• **Description of the task**:
What is needed is an exact retyping of each entry, pictures excluded.

━━━━━ Data shown ━━━━━

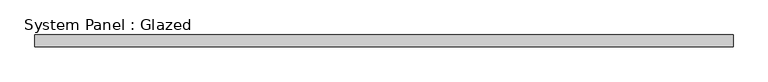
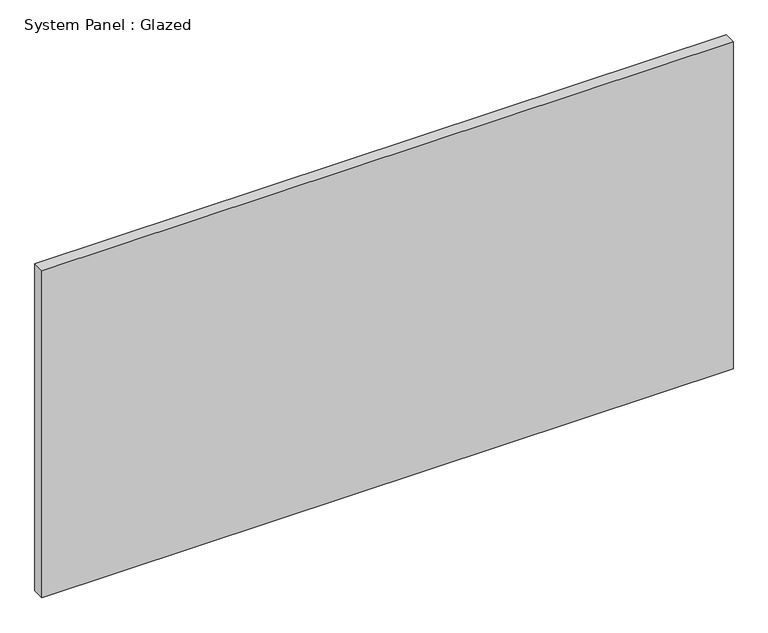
"""IFC4 building model written with IfcOpenShell, lengths in millimetres: plate geometry, System Panel : Glazed."""

from ifc_helpers import new_model, si_unit, origin, origin_with_axes, place, context, project, spatial, polyline, outline, extrude, source, transform, mapped, element, save


def system_panel_glazed_b8137b65(model_context):
    return source(origin(), model_context, "Body", "SweptSolid", [
        extrude(outline(polyline([(995.0, -17.0), (-995.0, -17.0), (-995.0, 17.0), (995.0, 17.0), (995.0, -17.0)])), origin_with_axes(), (0.0, 0.0, 1.0), 995.0),
    ])


if __name__ == "__main__":
    model = new_model("IFC4")
    model_context = context("Model", 3, world=origin())
    ifc_project = project(units=[si_unit("LENGTHUNIT", "METRE", prefix="MILLI")], contexts=[model_context])
    site = spatial("IfcSite", under=ifc_project)
    building = spatial("IfcBuilding", under=site)
    placement = place(None, origin())
    system_panel_glazed_shape = system_panel_glazed_b8137b65(model_context)
    element("IfcPlate", 1, ObjectType="System Panel : Glazed", at=placement, inside=building, context=model_context, shape_type="MappedRepresentation", body=[
        mapped(system_panel_glazed_shape, transform((0.0, 0.0, 0.0), x_axis=(1.0, 0.0, 0.0), y_axis=(0.0, 1.0, 0.0), z_axis=(0.0, 0.0, 1.0))),
    ])
    save(model, "model.ifc")

━━━━━

• **Result**:
"""IFC4 building model written with IfcOpenShell, lengths in millimetres: plate geometry, System Panel : Glazed."""

from ifc_helpers import new_model, si_unit, origin, origin_with_axes, place, context, project, spatial, polyline, outline, extrude, source, transform, mapped, element, save


def system_panel_glazed_b8137b65(model_context):
    return source(origin(), model_context, "Body", "SweptSolid", [
        extrude(outline(polyline([(995.0, -17.0), (-995.0, -17.0), (-995.0, 17.0), (995.0, 17.0), (995.0, -17.0)])), origin_with_axes(), (0.0, 0.0, 1.0), 995.0),
    ])


if __name__ == "__main__":
    model = new_model("IFC4")
    model_context = context("Model", 3, world=origin())
    ifc_project = project(units=[si_unit("LENGTHUNIT", "METRE", prefix="MILLI")], contexts=[model_context])
    site = spatial("IfcSite", under=ifc_project)
    building = spatial("IfcBuilding", under=site)
    placement = place(None, origin())
    system_panel_glazed_shape = system_panel_glazed_b8137b65(model_context)
    element("IfcPlate", 1, ObjectType="System Panel : Glazed", at=placement, inside=building, context=model_context, shape_type="MappedRepresentation", body=[
        mapped(system_panel_glazed_shape, transform((0.0, 0.0, 0.0), x_axis=(1.0, 0.0, 0.0), y_axis=(0.0, 1.0, 0.0), z_axis=(0.0, 0.0, 1.0))),
    ])
    save(model, "model.ifc")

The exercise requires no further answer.